CIKARANG, Radarjakarta.id – Prajurit jajaran Kodam Jaya mengikuti ujian kenaikan tingkat sabuk hitam Persaudaraan Setia Hati Terate (PSM) yang digelar di Makorem 051/Wijayakarta, Kamis (23/4/2026).
Ujian ini menjadi puncak dari rangkaian latihan terpusat yang telah dijalani secara intensif selama dua pekan. Selama masa latihan, para prajurit ditempa secara disiplin dan berkesinambungan guna meningkatkan kemampuan fisik, mental, serta membentuk karakter yang tangguh.
Setiap tahapan latihan dilalui dengan penuh dedikasi. Para peserta dituntut memiliki ketahanan, fokus tinggi, serta semangat pantang menyerah dalam menghadapi berbagai materi yang diberikan.
Pada tahap ujian, prajurit tidak hanya diuji dari sisi teknik bela diri, tetapi juga pengendalian diri serta ketangguhan mental sebagai prajurit profesional.

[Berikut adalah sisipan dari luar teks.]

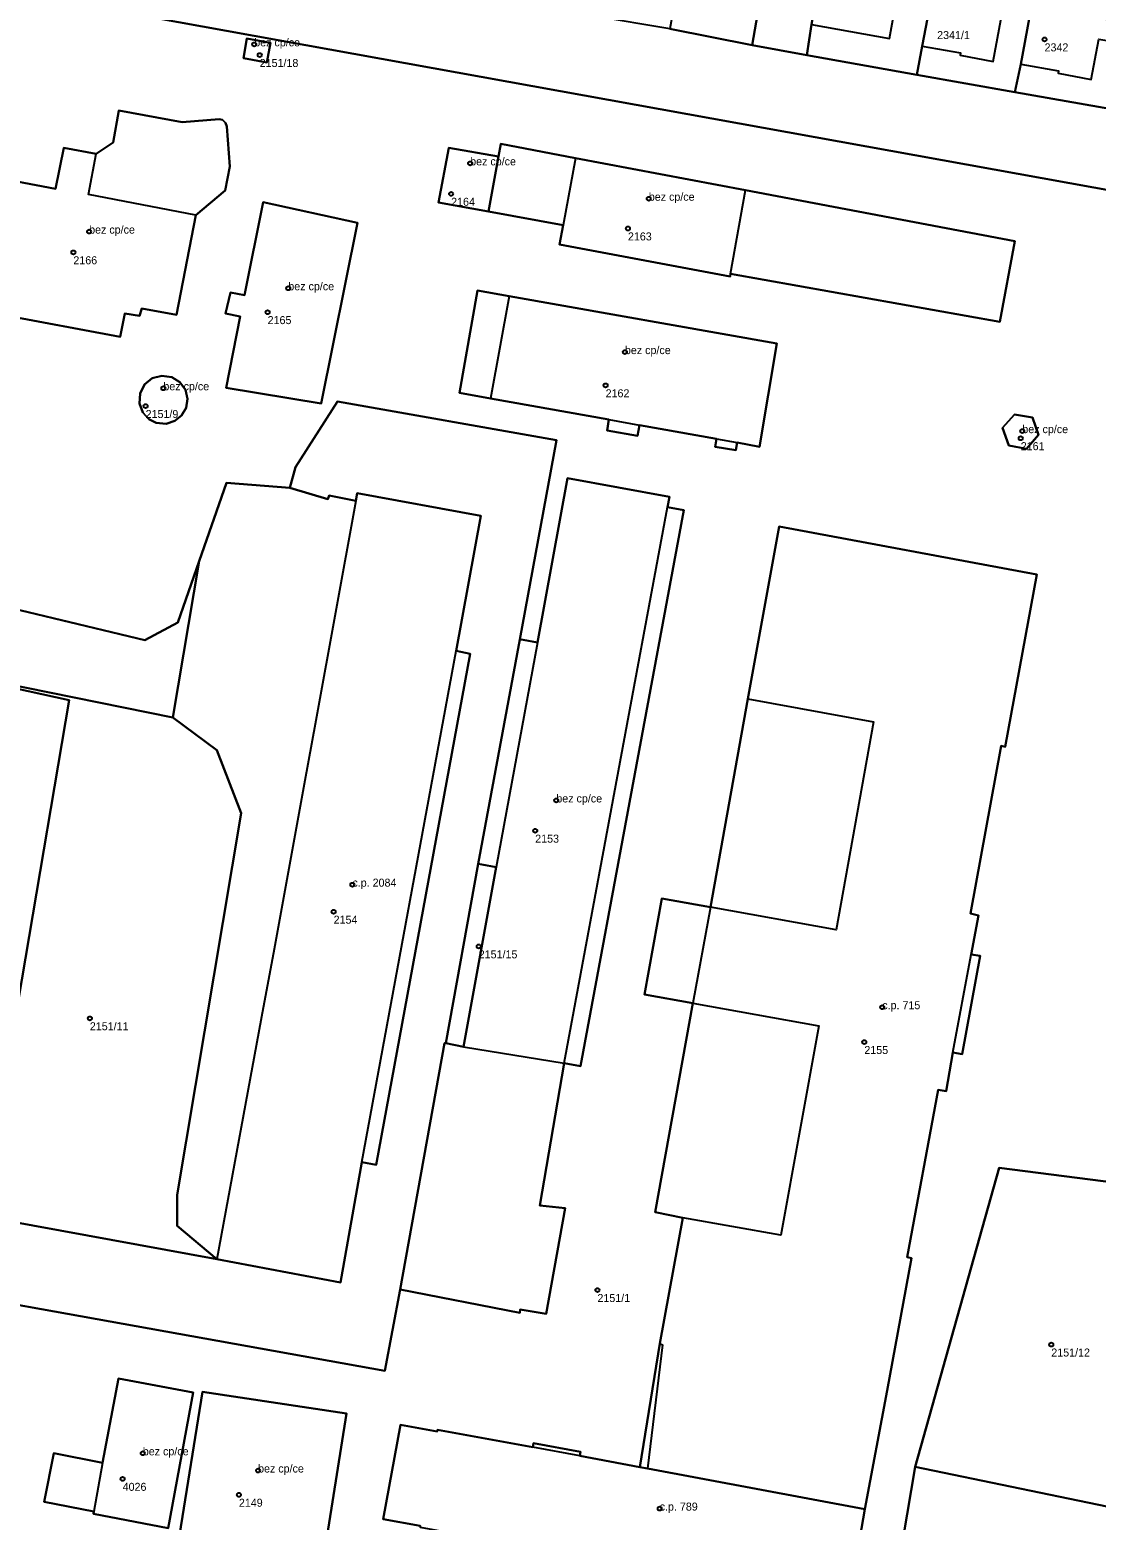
# Model space of a CAD drawing. Extents: x -878211 to -870363, y -1058464 to -1052522.
# Drawn here: x -874443.1 to -874309.8, y -1055566.8 to -1055380.5 of the extents above; entities that cross this region are included whole.
import ezdxf

# ---------------------------------------------------------------- set-up
doc = ezdxf.new("R2010")
doc.units = 0
for name, color, linetype in [('Definiční body', 7, 'Continuous'), ('Polygon budovy', 7, 'Continuous'), ('Polygon parcely', 7, 'Continuous')]:
    doc.layers.add(name, color=color, linetype=linetype)

msp = doc.modelspace()

# ---------------------------------------------------------------- linework, layer by layer
at = {"layer": 'Definiční body'}
for centre in [(-874415.04, -1055382.27994), (-874316.25, -1055381.66994), (-874414.36, -1055383.61994), (-874388.05, -1055397.15994), (-874390.43, -1055400.96994), (-874365.72, -1055401.57994), (-874435.68, -1055405.68994), (-874368.33, -1055405.29994), (-874437.65, -1055408.27994), (-874410.78, -1055412.76994), (-874413.37, -1055415.75994), (-874368.71, -1055420.74994), (-874426.4, -1055425.26994), (-874371.12, -1055424.90994), (-874428.62, -1055427.49994), (-874319.03, -1055430.62994), (-874319.23, -1055431.51994), (-874377.28, -1055476.78994), (-874379.92, -1055480.57994), (-874402.77, -1055487.31994), (-874405.12, -1055490.70994), (-874386.98, -1055495.03994), (-874336.54, -1055502.63994), (-874435.59, -1055504.02994), (-874338.78, -1055506.99994), (-874372.14, -1055537.99994), (-874315.41, -1055544.80994), (-874428.97, -1055558.39994), (-874431.49, -1055561.59994), (-874414.56, -1055560.54994), (-874416.96, -1055563.58994), (-874364.36, -1055565.30994)]:
    msp.add_circle(centre, 0.25, dxfattribs=at)
at = {"layer": 'Polygon budovy'}
for points in [[(-874345.39, -1055379.82), (-874335.65, -1055381.55), (-874334.77, -1055376.7), (-874333.15, -1055376.94), (-874332.27, -1055371.92), (-874336.26, -1055371.21), (-874335.75, -1055368.59), (-874335.93, -1055368.49), (-874335.83, -1055367.85), (-874339.8, -1055367.05), (-874340.43, -1055370.48), (-874343.58, -1055369.93)], [(-874329.86, -1055373.58), (-874331.57, -1055382.49), (-874326.76, -1055383.35), (-874326.81, -1055383.65), (-874322.69, -1055384.42), (-874320.96, -1055375.17)], [(-874317.24, -1055374.08), (-874319.23, -1055384.74), (-874314.52, -1055385.6), (-874314.57, -1055385.9), (-874310.41, -1055386.66), (-874309.45, -1055381.63), (-874307.97, -1055381.9), (-874307.55, -1055379.39), (-874308.97, -1055379.08), (-874308.68, -1055377.39), (-874313.67, -1055376.49), (-874313.36, -1055374.75)], [(-874416.4, -1055384.01), (-874413.46, -1055384.53), (-874413.02, -1055382.08), (-874415.97, -1055381.55)], [(-874450.47, -1055411.23), (-874445.74, -1055412.15), (-874446.52, -1055416.1), (-874431.8, -1055418.85), (-874431.2, -1055415.91), (-874429.38, -1055416.2), (-874429.1, -1055415.29), (-874424.77, -1055416.09), (-874422.35, -1055403.63), (-874435.76, -1055401.05), (-874434.78, -1055395.96), (-874438.85, -1055395.2), (-874439.88, -1055400.35), (-874448.05, -1055398.82)], [(-874390.72, -1055395.2), (-874392.01, -1055402.04), (-874385.75, -1055403.17), (-874384.5, -1055396.31)], [(-874376.9, -1055407.32), (-874355.55, -1055411.3), (-874355.49, -1055410.96), (-874353.65, -1055400.51), (-874374.87, -1055396.5), (-874376.44, -1055404.87)], [(-874418.64, -1055415.91), (-874416.8, -1055416.29), (-874418.54, -1055425.22), (-874406.68, -1055427.16), (-874402.12, -1055404.61), (-874413.93, -1055401.99), (-874416.27, -1055413.64), (-874418, -1055413.3)], [(-874383.19, -1055413.75), (-874385.49, -1055426.54), (-874370.72, -1055429.19), (-874366.88, -1055429.88), (-874357.24, -1055431.6), (-874354.68, -1055432.06), (-874351.9, -1055432.57), (-874349.7, -1055419.69)], [(-874428.97, -1055428.31), (-874428.2, -1055429.14), (-874427.29, -1055429.6), (-874426.07, -1055429.71), (-874424.96, -1055429.36), (-874424.12, -1055428.68), (-874423.56, -1055427.7), (-874423.39, -1055426.58), (-874423.65, -1055425.48), (-874424.33, -1055424.52), (-874425.35, -1055423.88), (-874426.58, -1055423.7), (-874427.78, -1055424.02), (-874428.75, -1055424.81), (-874429.32, -1055425.91), (-874429.39, -1055427.18)], [(-874321.52, -1055430.22), (-874320.72, -1055432.43), (-874318.49, -1055432.85), (-874317, -1055431.07), (-874317.76, -1055428.94), (-874320.02, -1055428.53)], [(-874384.78, -1055485.14), (-874388.9, -1055507.58), (-874376.29, -1055509.65), (-874363.38, -1055440.15), (-874363.14, -1055438.86), (-874375.87, -1055436.5), (-874379.63, -1055457.04)], [(-874419.72, -1055534.15), (-874404.26, -1055537.04), (-874401.58, -1055522.02), (-874389.82, -1055458.1), (-874386.71, -1055441.21), (-874402.17, -1055438.37), (-874402.34, -1055439.32), (-874407.34, -1055466.81), (-874408.8, -1055474.75), (-874412.63, -1055495.83), (-874413.93, -1055502.7)], [(-874364.36, -1055544.68), (-874364, -1055544.83), (-874365.9, -1055560.3), (-874338.71, -1055565.39), (-874335.94, -1055550.55), (-874332.9, -1055533.99), (-874333.42, -1055533.89), (-874329.57, -1055512.98), (-874328.56, -1055513.13), (-874327.7, -1055508.3), (-874325.44, -1055496.03), (-874324.52, -1055491.17), (-874325.52, -1055490.94), (-874321.66, -1055469.98), (-874321.17, -1055470.1), (-874317.22, -1055448.55), (-874349.44, -1055442.54), (-874353.34, -1055464.07), (-874337.62, -1055466.98), (-874342.29, -1055492.97), (-874357.99, -1055490.14), (-874360.22, -1055502.13), (-874344.47, -1055504.97), (-874349.22, -1055531.14), (-874361.47, -1055528.98)], [(-874435.15, -1055565.95), (-874425.78, -1055567.77), (-874422.68, -1055550.78), (-874431.99, -1055549.06), (-874433.99, -1055559.61), (-874435.09, -1055565.66)], [(-874424.37, -1055568.62), (-874406.35, -1055571.3), (-874403.51, -1055553.42), (-874421.49, -1055550.71)], [(-874398.91, -1055566.64), (-874394.29, -1055567.46), (-874394.31, -1055567.64), (-874368.43, -1055572.39), (-874369.45, -1055577.51), (-874360.07, -1055579.14), (-874357.2, -1055579.84), (-874341.71, -1055582.76), (-874338.71, -1055565.39), (-874365.9, -1055560.3), (-874366.83, -1055560.12), (-874374.34, -1055558.72), (-874380.23, -1055557.64), (-874392.13, -1055555.45), (-874392.18, -1055555.68), (-874396.74, -1055554.82)]]:
    msp.add_lwpolyline(points, close=True, dxfattribs=at)
at = {"layer": 'Polygon parcely'}
for points in [[(-874349.34, -1055362.46), (-874352.53, -1055361.77), (-874354.8, -1055361.28), (-874357.54, -1055360.68), (-874359.55, -1055360.44), (-874360.46, -1055365.73), (-874363.09, -1055380.34), (-874352.81, -1055382.38), (-874352.14, -1055378.56), (-874350.28, -1055368.67), (-874349.82, -1055365.95), (-874349.69, -1055365.32)], [(-874343.58, -1055369.93), (-874342.94, -1055366.7), (-874342.45, -1055363.96), (-874348.6, -1055362.62), (-874349.34, -1055362.46), (-874349.69, -1055365.32), (-874349.82, -1055365.95), (-874350.28, -1055368.67), (-874352.14, -1055378.56), (-874352.81, -1055382.38), (-874345.97, -1055383.64), (-874345.39, -1055379.82)], [(-874328.5, -1055366.43), (-874332.15, -1055365.74), (-874333.41, -1055365.5), (-874335.41, -1055365.12), (-874336.49, -1055364.91), (-874342.45, -1055363.96), (-874342.94, -1055366.7), (-874343.58, -1055369.93), (-874345.39, -1055379.82), (-874345.97, -1055383.64), (-874332.23, -1055386.09), (-874331.57, -1055382.49), (-874329.86, -1055373.58), (-874329.48, -1055371.79), (-874329.21, -1055370.29)], [(-874329.21, -1055370.29), (-874329.48, -1055371.79), (-874329.86, -1055373.58), (-874331.57, -1055382.49), (-874332.23, -1055386.09), (-874319.98, -1055388.27), (-874319.23, -1055384.74), (-874317.24, -1055374.08), (-874316.72, -1055371.48), (-874316.2, -1055368.8), (-874316.45, -1055368.75), (-874316.97, -1055368.58), (-874320.27, -1055367.88), (-874323.24, -1055367.33), (-874323.76, -1055370.15), (-874323.98, -1055371.28)], [(-874304.61, -1055376.86), (-874304.18, -1055374.41), (-874303.6, -1055370.96), (-874304.37, -1055370.87), (-874307.68, -1055370.29), (-874307.98, -1055370.24), (-874313.64, -1055369.29), (-874316.2, -1055368.8), (-874316.72, -1055371.48), (-874317.24, -1055374.08), (-874319.23, -1055384.74), (-874319.98, -1055388.27), (-874307.12, -1055390.52), (-874306.52, -1055387.04), (-874304.69, -1055377.28)], [(-874416.4, -1055384.01), (-874415.97, -1055381.55), (-874413.02, -1055382.08), (-874413.46, -1055384.53)], [(-874416.4, -1055384.01), (-874413.46, -1055384.53), (-874413.02, -1055382.08), (-874415.97, -1055381.55)], [(-874418.47, -1055392.56), (-874418.11, -1055397.56), (-874418.66, -1055400.55), (-874422.35, -1055403.63), (-874424.77, -1055416.09), (-874429.1, -1055415.29), (-874429.38, -1055416.2), (-874431.2, -1055415.91), (-874431.8, -1055418.85), (-874446.52, -1055416.1), (-874445.74, -1055412.15), (-874450.47, -1055411.23), (-874448.05, -1055398.82), (-874439.88, -1055400.35), (-874438.85, -1055395.2), (-874434.78, -1055395.96), (-874432.68, -1055394.55), (-874431.95, -1055390.57), (-874424.04, -1055392.02), (-874419.42, -1055391.64), (-874419.01, -1055391.73), (-874418.62, -1055392.08)], [(-874418.47, -1055392.56), (-874418.62, -1055392.08), (-874419.01, -1055391.73), (-874419.42, -1055391.64), (-874424.04, -1055392.02), (-874431.95, -1055390.57), (-874432.68, -1055394.55), (-874434.78, -1055395.96), (-874438.85, -1055395.2), (-874439.88, -1055400.35), (-874448.05, -1055398.82), (-874450.47, -1055411.23), (-874445.74, -1055412.15), (-874446.52, -1055416.1), (-874431.8, -1055418.85), (-874431.2, -1055415.91), (-874429.38, -1055416.2), (-874429.1, -1055415.29), (-874424.77, -1055416.09), (-874422.35, -1055403.63), (-874418.66, -1055400.55), (-874418.11, -1055397.56)], [(-874385.75, -1055403.17), (-874392.01, -1055402.04), (-874390.72, -1055395.2), (-874384.5, -1055396.31), (-874384.22, -1055394.73), (-874374.87, -1055396.5), (-874353.65, -1055400.51), (-874319.95, -1055406.87), (-874321.83, -1055416.97), (-874355.49, -1055410.96), (-874355.55, -1055411.3), (-874376.9, -1055407.32), (-874376.44, -1055404.87)], [(-874384.5, -1055396.31), (-874390.72, -1055395.2), (-874392.01, -1055402.04), (-874385.75, -1055403.17)], [(-874384.5, -1055396.31), (-874385.75, -1055403.17), (-874376.44, -1055404.87), (-874376.9, -1055407.32), (-874355.55, -1055411.3), (-874355.49, -1055410.96), (-874321.83, -1055416.97), (-874319.95, -1055406.87), (-874353.65, -1055400.51), (-874374.87, -1055396.5), (-874384.22, -1055394.73)], [(-874413.93, -1055401.99), (-874416.27, -1055413.64), (-874418, -1055413.3), (-874418.64, -1055415.91), (-874416.8, -1055416.29), (-874418.54, -1055425.22), (-874406.68, -1055427.16), (-874402.12, -1055404.61)], [(-874413.93, -1055401.99), (-874402.12, -1055404.61), (-874406.68, -1055427.16), (-874418.54, -1055425.22), (-874416.8, -1055416.29), (-874418.64, -1055415.91), (-874418, -1055413.3), (-874416.27, -1055413.64)], [(-874385.49, -1055426.54), (-874370.72, -1055429.19), (-874370.93, -1055430.54), (-874367.12, -1055431.22), (-874366.88, -1055429.88), (-874357.24, -1055431.6), (-874357.41, -1055432.57), (-874354.85, -1055433.02), (-874354.68, -1055432.06), (-874351.9, -1055432.57), (-874349.7, -1055419.69), (-874383.19, -1055413.75), (-874387.15, -1055413.05), (-874389.37, -1055425.86)], [(-874385.49, -1055426.54), (-874389.37, -1055425.86), (-874387.15, -1055413.05), (-874383.19, -1055413.75), (-874349.7, -1055419.69), (-874351.9, -1055432.57), (-874354.68, -1055432.06), (-874354.85, -1055433.02), (-874357.41, -1055432.57), (-874357.24, -1055431.6), (-874366.88, -1055429.88), (-874367.12, -1055431.22), (-874370.93, -1055430.54), (-874370.72, -1055429.19)], [(-874424.33, -1055424.52), (-874425.35, -1055423.88), (-874426.58, -1055423.7), (-874427.78, -1055424.02), (-874428.75, -1055424.81), (-874429.32, -1055425.91), (-874429.39, -1055427.18), (-874428.97, -1055428.31), (-874428.2, -1055429.14), (-874427.29, -1055429.6), (-874426.07, -1055429.71), (-874424.96, -1055429.36), (-874424.12, -1055428.68), (-874423.56, -1055427.7), (-874423.39, -1055426.58), (-874423.65, -1055425.48)], [(-874424.33, -1055424.52), (-874423.65, -1055425.48), (-874423.39, -1055426.58), (-874423.56, -1055427.7), (-874424.12, -1055428.68), (-874424.96, -1055429.36), (-874426.07, -1055429.71), (-874427.29, -1055429.6), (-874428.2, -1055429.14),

Hal ini menjadi tolok ukur kesiapan mereka dalam menghadapi tugas di lapangan.
Kenaikan tingkat sabuk hitam ini bukan sekadar pencapaian dalam kemampuan bela diri, melainkan juga simbol kehormatan, kedisiplinan, serta komitmen prajurit dalam menjalankan pengabdian kepada bangsa dan negara.
Melalui kegiatan tersebut, diharapkan prajurit Kodam Jaya semakin siap menghadapi berbagai tantangan tugas, dengan tetap menjunjung tinggi profesionalisme dan integritas sebagai bagian dari TNI AD.
Semangat untuk tetap fokus, kuat, dan memberikan yang terbaik terus ditekankan dalam setiap pelaksanaan kegiatan ini.